CDD

CDD is the shorthand for both Community Driven Design and Community Driven Development. Our aim is to combine the best feaures of both into one continuous practice. It treats design and development as a single community loop: discover what matters, build what helps, learn from reality, and iterate in public with the people who will live with the result.

CDD exists to prevent the classic split where “design” becomes a workshop theatre and “development” becomes a technical priesthood. Instead, it keeps purpose, usability, maintainability, and governance connected, so we do not ship a beautifully built thing that the community cannot trust, run, or adapt.

The design half of CDD is about meaning. It engages diverse stakeholders early, uses methods like backcasting to describe a future worth building, and turns values into concrete constraints that shape prototypes, priorities, and success measures.

The development half of CDD is about capability. It ensures the community can actually build and sustain what it designs, by investing in documentation, testing, modular architecture, onboarding, and local maintainers, so that the system remains forkable and resilient rather than dependent on a few heroic experts.

CDD assumes most community problems live in the complex domain, so it favours safe-to-fail experiments and short feedback cycles over grand plans. That posture aligns naturally with the Cynefin Framework, which helps us decide when to use best practice, expert analysis, or exploratory probes, and when to stop pretending certainty is available - wikipedia

In Hitchhikers, CDD is also a governance stance. It makes decision-making legible, distributes ownership, and treats maintenance as part of the work, not an afterthought. The goal is not just to “ship software,” but to grow local agency and shared infrastructure over time.

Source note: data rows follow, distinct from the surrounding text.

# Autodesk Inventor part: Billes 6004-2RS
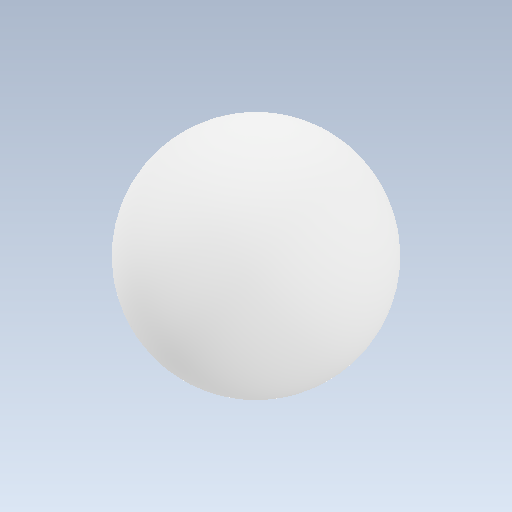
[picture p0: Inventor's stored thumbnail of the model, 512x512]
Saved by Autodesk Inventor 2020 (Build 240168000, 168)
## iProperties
Created: 2003-07
Part Number: Billes 6004-2RS
Material: Générique
Document SubType Name: Modeling
Designer: Bruno
Density: 1 g/cm^3
Appearance: Par défaut
Author: Bruno
Sending System: SolidWorks 2011
Last Author: frederic
Last Saved: 2012-02-20
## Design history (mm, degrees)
feature "Base-Révolution"
node "Solide1"
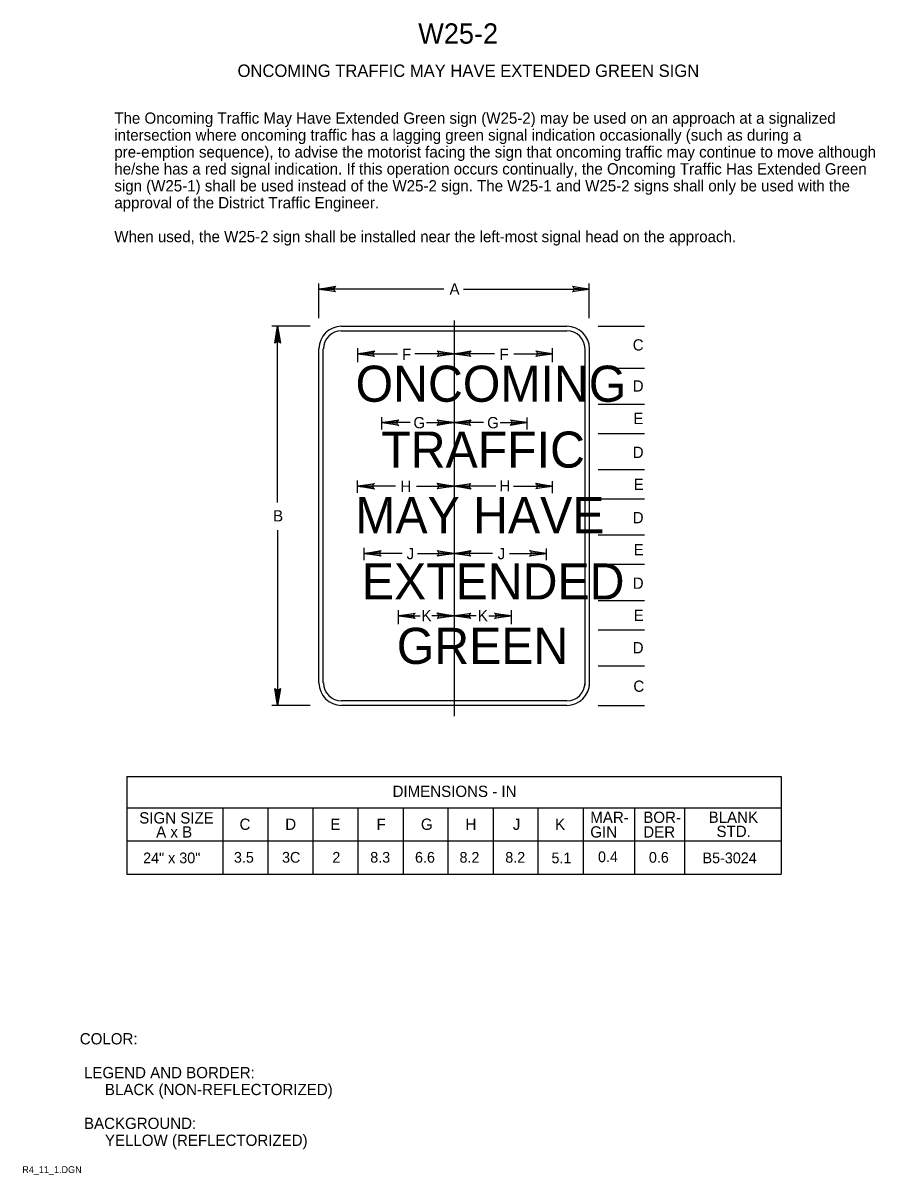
# Model space of a CAD drawing. Extents: x 0.013 to 0.201, y 0.004 to 0.259.
import ezdxf

# ---------------------------------------------------------------- set-up
doc = ezdxf.new("R2010")
doc.units = 0
for name, color, linetype in [('1', 7, 'Continuous'), ('11', 7, 'Continuous'), ('12', 7, 'Continuous'), ('2', 7, 'Continuous'), ('3', 7, 'Continuous')]:
    doc.layers.add(name, color=color, linetype=linetype)

# ---------------------------------------------------------------- blocks, each defined once
blk = doc.blocks.new('RARROW')
at = {"layer": '3'}
for p, q in [((-2.156, 0.285), (-2.2665, 0.384625)), ((-2.2665, 0.384625), (0, 0)), ((0, 0), (-2.2665, -0.379125)), ((-2.156, 0.285), (-2.075625, 0.12075)), ((0, 0), (-2.156, 0.285)), ((-2.14975, -0.2705), (0, 0)), ((-2.075625, 0.12075), (0, 0)), ((0, 0), (-2.074, -0.108)), ((-2.2665, -0.379125), (-2.14975, -0.2705)), ((-2.074, -0.108), (-2.14975, -0.2705))]:
    blk.add_line(p, q, dxfattribs=at)

msp = doc.modelspace()

# ---------------------------------------------------------------- linework, layer by layer
at = {"layer": '11'}
for p, q in [((0.08313, 0.192), (0.13312, 0.192)), ((0.07812, 0.113), (0.07812, 0.187)), ((0.13812, 0.187), (0.13812, 0.11235)), ((0.13312, 0.108), (0.08313, 0.108))]:
    msp.add_line(p, q, dxfattribs=at)
for centre, start, end in [((0.08317, 0.18699), 90, 180), ((0.13317, 0.18699), 0, 90), ((0.08317, 0.113), 180, 270), ((0.13317, 0.113), 270, 0)]:
    msp.add_arc(centre, 0.005, start, end, dxfattribs=at)
at = {"layer": '3'}
for p, q in [((0.07812, 0.19376), (0.07812, 0.2015)), ((0.10587, 0.20025), (0.07812, 0.20025)), ((0.11025, 0.20025), (0.13812, 0.20025)), ((0.13812, 0.19376), (0.13812, 0.2015)), ((0.07625, 0.192), (0.06775, 0.192)), ((0.069, 0.15293), (0.069, 0.192)), ((0.10812, 0.19325), (0.10812, 0.10562)), ((0.14012, 0.192), (0.15038, 0.192)), ((0.08313, 0.191), (0.13312, 0.191)), ((0.07912, 0.113), (0.07912, 0.187)), ((0.08676, 0.18405), (0.08676, 0.18716)), ((0.10812, 0.18729), (0.10812, 0.18466)), ((0.10812, 0.18591), (0.11188, 0.18653)), ((0.11168, 0.18635), (0.10812, 0.18591)), ((0.11156, 0.18609), (0.11168, 0.18635)), ((0.11188, 0.18653), (0.11168, 0.18635)), ((0.12642, 0.18638), (0.12624, 0.18654)), ((0.12624, 0.18654), (0.12999, 0.18591)), ((0.12642, 0.18638), (0.12656, 0.18611)), ((0.12999, 0.18591), (0.12642, 0.18638)), ((0.12999, 0.18405), (0.12999, 0.18716)), ((0.13712, 0.187), (0.13712, 0.11242)), ((0.08681, 0.18591), (0.09557, 0.18591)), ((0.10877, 0.18591), (0.09946, 0.18591)), ((0.10812, 0.18591), (0.11156, 0.18609)), ((0.11313, 0.18591), (0.10812, 0.18591)), ((0.11156, 0.18571), (0.10812, 0.18591)), ((0.10812, 0.18591), (0.11169, 0.18544)), ((0.11188, 0.18528), (0.10812, 0.18591)), ((0.11712, 0.18591), (0.10812, 0.18591)), ((0.11169, 0.18544), (0.11156, 0.18571)), ((0.11169, 0.18544), (0.11188, 0.18528)), ((0.12136, 0.18591), (0.12999, 0.18591)), ((0.12999, 0.18591), (0.12624, 0.18529)), ((0.12624, 0.18529), (0.12643, 0.18547)), ((0.12643, 0.18547), (0.12999, 0.18591)), ((0.12656, 0.18573), (0.12643, 0.18547)), ((0.12656, 0.18611), (0.12999, 0.18591)), ((0.12999, 0.18591), (0.12656, 0.18573)), ((0.14012, 0.18275), (0.15038, 0.18275)), ((0.14012, 0.17475), (0.15038, 0.17475)), ((0.0921, 0.16914), (0.0921, 0.17189)), ((0.10812, 0.17264), (0.10812, 0.16939)), ((0.12437, 0.16912), (0.12437, 0.17175)), ((0.0984, 0.17064), (0.09253, 0.17064)), ((0.10201, 0.17064), (0.10812, 0.17064)), ((0.11467, 0.17064), (0.10867, 0.17064)), ((0.11837, 0.17064), (0.12418, 0.17064)), ((0.14012, 0.16825), (0.15038, 0.16825)), ((0.14012, 0.16025), (0.15038, 0.16025)), ((0.08672, 0.15507), (0.08672, 0.15782)), ((0.09514, 0.15657), (0.08715, 0.15657)), ((0.09978, 0.15657), (0.10812, 0.15657)), ((0.10812, 0.15745), (0.10812, 0.15482)), ((0.11741, 0.15657), (0.10892, 0.15657)), ((0.12133, 0.15657), (0.12979, 0.15657)), ((0.12998, 0.15505), (0.12998, 0.15768)), ((0.14012, 0.15375), (0.15038, 0.15375)), ((0.069, 0.14685), (0.069, 0.108)), ((0.14012, 0.14575), (0.15038, 0.14575)), ((0.10812, 0.14362), (0.10812, 0.14037)), ((0.08822, 0.14018), (0.08822, 0.14293)), ((0.09664, 0.14168), (0.08865, 0.14168)), ((0.10003, 0.14168), (0.10812, 0.14168)), ((0.11665, 0.14168), (0.10867, 0.14168)), ((0.12039, 0.14168), (0.12842, 0.14168)), ((0.12861, 0.14016), (0.12861, 0.14278)), ((0.14012, 0.13925), (0.15038, 0.13925)), ((0.14012, 0.13125), (0.15038, 0.13125)), ((0.09579, 0.12597), (0.09579, 0.12909)), ((0.09579, 0.12784), (0.10059, 0.12784)), ((0.10877, 0.12784), (0.10318, 0.12784)), ((0.10812, 0.12921), (0.10812, 0.12659)), ((0.10812, 0.12784), (0.11188, 0.12846)), ((0.11168, 0.12828), (0.10812, 0.12784)), ((0.10812, 0.12784), (0.11156, 0.12801)), ((0.11156, 0.12764), (0.10812, 0.12784)), ((0.10812, 0.12784), (0.11169, 0.12737)), ((0.11188, 0.12721), (0.10812, 0.12784)), ((0.11279, 0.12784), (0.10812, 0.12784)), ((0.11307, 0.12784), (0.10812, 0.12784)), ((0.11156, 0.12801), (0.11168, 0.12828)), ((0.11169, 0.12737), (0.11156, 0.12764)), ((0.11188, 0.12846), (0.11168, 0.12828)), ((0.11586, 0.12784), (0.12085, 0.12784)), ((0.11729, 0.1283), (0.1171, 0.12846)), ((0.1171, 0.12846), (0.12085, 0.12784)), ((0.12085, 0.12784), (0.1171, 0.12721)), ((0.11729, 0.1283), (0.11742, 0.12803)), ((0.12085, 0.12784), (0.11729, 0.1283)), ((0.1173, 0.12739), (0.12085, 0.12784)), ((0.11742, 0.12766), (0.1173, 0.12739)), ((0.11742, 0.12803), (0.12085, 0.12784)), ((0.12085, 0.12784), (0.11742, 0.12766)), ((0.12085, 0.12597), (0.12085, 0.12909)), ((0.11169, 0.12737), (0.11188, 0.12721)), ((0.1171, 0.12721), (0.1173, 0.12739)), ((0.14012, 0.12475), (0.15038, 0.12475)), ((0.14012, 0.11675), (0.15038, 0.11675)), ((0.07625, 0.108), (0.06775, 0.108)), ((0.13312, 0.109), (0.08313, 0.109)), ((0.14012, 0.108), (0.15038, 0.108)), ((0.03556, 0.0922), (0.03556, 0.07057)), ((0.03556, 0.0922), (0.18069, 0.0922)), ((0.18069, 0.0922), (0.18069, 0.07057)), ((0.03556, 0.08532), (0.15671, 0.08532)), ((0.05686, 0.08532), (0.05686, 0.07057)), ((0.06681, 0.08532), (0.06681, 0.07057)), ((0.07681, 0.08532), (0.07681, 0.07057)), ((0.08681, 0.08532), (0.08681, 0.07057)), ((0.09681, 0.08532), (0.09681, 0.07057)), ((0.10677, 0.08532), (0.10677, 0.07057)), ((0.1168, 0.08532), (0.1168, 0.07057)), ((0.12672, 0.08532), (0.12672, 0.07057)), ((0.13676, 0.08532), (0.13676, 0.07057)), ((0.14814, 0.08532), (0.14814, 0.07057)), ((0.15671, 0.08532), (0.18069, 0.08532)), ((0.15926, 0.08532), (0.15926, 0.07057)), ((0.03556, 0.07795), (0.15671, 0.07795)), ((0.15671, 0.07795), (0.18069, 0.07795)), ((0.03556, 0.07057), (0.15671, 0.07057)), ((0.15671, 0.07057), (0.18069, 0.07057))]:
    msp.add_line(p, q, dxfattribs=at)
for centre, start, end in [((0.08317, 0.18699), 90, 180), ((0.13317, 0.18699), 0, 90), ((0.08317, 0.113), 180, 270), ((0.13317, 0.113), 270, 0)]:
    msp.add_arc(centre, 0.004, start, end, dxfattribs=at)

# ---------------------------------------------------------------- block references
at = {"layer": '3', "xscale": 0.0016545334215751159, "yscale": 0.0016366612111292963}
for p, rotation in [((0.07812, 0.20025), 180), ((0.069, 0.192), 90), ((0.08676, 0.18591), 180), ((0.0921, 0.17064), 180), ((0.10812, 0.17064), 180), ((0.08672, 0.15657), 180), ((0.10812, 0.15657), 180), ((0.08822, 0.14168), 180), ((0.10812, 0.14168), 180), ((0.09579, 0.12784), 180), ((0.069, 0.108), -90)]:
    msp.add_blockref('RARROW', p, dxfattribs=dict(at, rotation=rotation))
for p in [(0.13812, 0.20025), (0.10812, 0.18591), (0.10812, 0.17064), (0.12437, 0.17064), (0.10812, 0.15657), (0.12998, 0.15657), (0.10812, 0.14168), (0.12862, 0.14168), (0.10812, 0.12784)]:
    msp.add_blockref('RARROW', p, dxfattribs=at)

# ---------------------------------------------------------------- texts
at = {"layer": '1'}
for s, height, p in [('W25-2', 0.0045, (0.10018, 0.25462)), ('ONCOMING TRAFFIC MAY HAVE EXTENDED GREEN SIGN', 0.0027503, (0.06012, 0.24725)), ('COLOR:', 0.0025, (0.02513, 0.03287)), (' LEGEND AND BORDER:', 0.0024998, (0.02513, 0.02537)), ('      BLACK (NON-REFLECTORIZED)', 0.0024998, (0.02513, 0.02163)), (' BACKGROUND:', 0.0024998, (0.02513, 0.01413)), ('      YELLOW (REFLECTORIZED)', 0.0024998, (0.02513, 0.01038)), ('R4_11_1.DGN', 0.0015, (0.01238, 0.00438))]:
    msp.add_text(s, height=height, dxfattribs=at).set_placement(p)
at = {"layer": '12'}
for s, p in [('ONCOMING', (0.0863, 0.17527)), ('TRAFFIC', (0.09198, 0.16067)), ('MAY HAVE', (0.08621, 0.14615)), ('EXTENDED', (0.08768, 0.13146)), ('GREEN', (0.09543, 0.11718))]:
    msp.add_text(s, height=0.008, dxfattribs=at).set_placement(p)
at = {"layer": '2'}
for s, height, p in [('The Oncoming Traffic May Have Extended Green sign (W25-2) may be used on an approach at a signalized ', 0.00249975, (0.03279, 0.23688)), ('intersection where oncoming traffic has a lagging green signal indication occasionally (such as during a ', 0.00249975, (0.03279, 0.23313)), ('pre-emption sequence), to advise the motorist facing the sign that oncoming traffic may continue to move although ', 0.00249975, (0.03279, 0.22938)), ('he/she has a red signal indication. If this operation occurs continually, the Oncoming Traffic Has Extended Green ', 0.00249975, (0.03279, 0.22563)), ('sign (W25-1) shall be used instead of the W25-2 sign. The W25-1 and W25-2 signs shall only be used with the ', 0.00249975, (0.03279, 0.22188)), ('approval of the District Traffic Engineer.', 0.0024998, (0.03279, 0.21813)), ('When used, the W25-2 sign shall be installed near the left-most signal head on the approach.', 0.0024998, (0.03279, 0.21063))]:
    msp.add_text(s, height=height, dxfattribs=at).set_placement(p)
at = {"layer": '3'}
for s, height, p in [('A', 0.0025, (0.10712, 0.199)), ('C', 0.0025, (0.14775, 0.18662)), ('F', 0.0025, (0.09658, 0.18454)), ('F', 0.0025, (0.1182, 0.18454)), ('D', 0.0025, (0.14775, 0.17752)), ('G', 0.0025, (0.09912, 0.16939)), ('G', 0.0025, (0.11547, 0.16939)), ('E', 0.0025, (0.14788, 0.17032)), ('D', 0.0025, (0.14775, 0.16282)), ('H', 0.0025, (0.09623, 0.15527)), ('H', 0.0025, (0.1182, 0.15539)), ('E', 0.0025, (0.14795, 0.15571)), ('B', 0.0025, (0.068, 0.14875)), ('D', 0.0025, (0.14775, 0.14835)), ('E', 0.0025, (0.14795, 0.14124)), ('J', 0.0025, (0.09761, 0.14037)), ('J', 0.0025, (0.1178, 0.14037)), ('D', 0.0025, (0.14775, 0.13382)), ('K', 0.0025, (0.10091, 0.12665)), ('K', 0.0025, (0.1134, 0.12665)), ('E', 0.0025, (0.14795, 0.12671)), ('D', 0.0025, (0.14775, 0.11952)), ('C', 0.0025, (0.14789, 0.111)), ('DIMENSIONS - IN', 0.0024998, (0.09449, 0.0877)), ('SIGN SIZE', 0.0025, (0.03831, 0.08182)), ('MAR-', 0.0025, (0.13834, 0.08195)), ('BOR-', 0.0025, (0.15009, 0.08195)), ('BLANK', 0.0025, (0.16458, 0.08196)), ('C', 0.0025, (0.06056, 0.08041)), ('D', 0.0025, (0.07069, 0.08041)), ('E', 0.0025, (0.08069, 0.08041)), ('F', 0.0025, (0.09094, 0.08041)), ('G', 0.0025, (0.10078, 0.08041)), ('H', 0.0025, (0.11067, 0.08041)), ('J', 0.0025, (0.12116, 0.08041)), ('K', 0.0025, (0.13054, 0.08041)), ('A x B', 0.0025, (0.04206, 0.0787)), ('GIN', 0.0025, (0.13834, 0.0787)), ('DER', 0.0025, (0.15009, 0.0787)), ('STD.', 0.0025, (0.16633, 0.07883)), ('24" x 30"', 0.002375, (0.03918, 0.07301)), ('3.5', 0.002375, (0.05931, 0.07314)), ('3C', 0.002375, (0.06998, 0.07314)), ('2', 0.00238, (0.08114, 0.07314)), ('8.3', 0.002375, (0.08954, 0.07314)), ('6.6', 0.002375, (0.09947, 0.07314)), ('8.2', 0.002375, (0.10934, 0.07313)), ('8.2', 0.002375, (0.11948, 0.07313)), ('5.1', 0.002375, (0.12974, 0.07301)), ('0.4', 0.002375, (0.14005, 0.07326)), ('0.6', 0.002375, (0.15134, 0.07313)), ('B5-3024', 0.002375, (0.16324, 0.07301))]:
    msp.add_text(s, height=height, dxfattribs=at).set_placement(p)

doc.saveas('drawing.dxf')

CDD becomes especially powerful when paired with Agentic Development and Local First tooling. Agents can accelerate implementation and documentation, but the community remains responsible for meaning, trade-offs, and stewardship, so we get speed without surrendering agency.

The CDD promise is simple: build with people, not for people, and build in a way that leaves behind capability, not dependency. When it works, the community does not just receive an outcome - it gains the power to keep designing and developing its own future.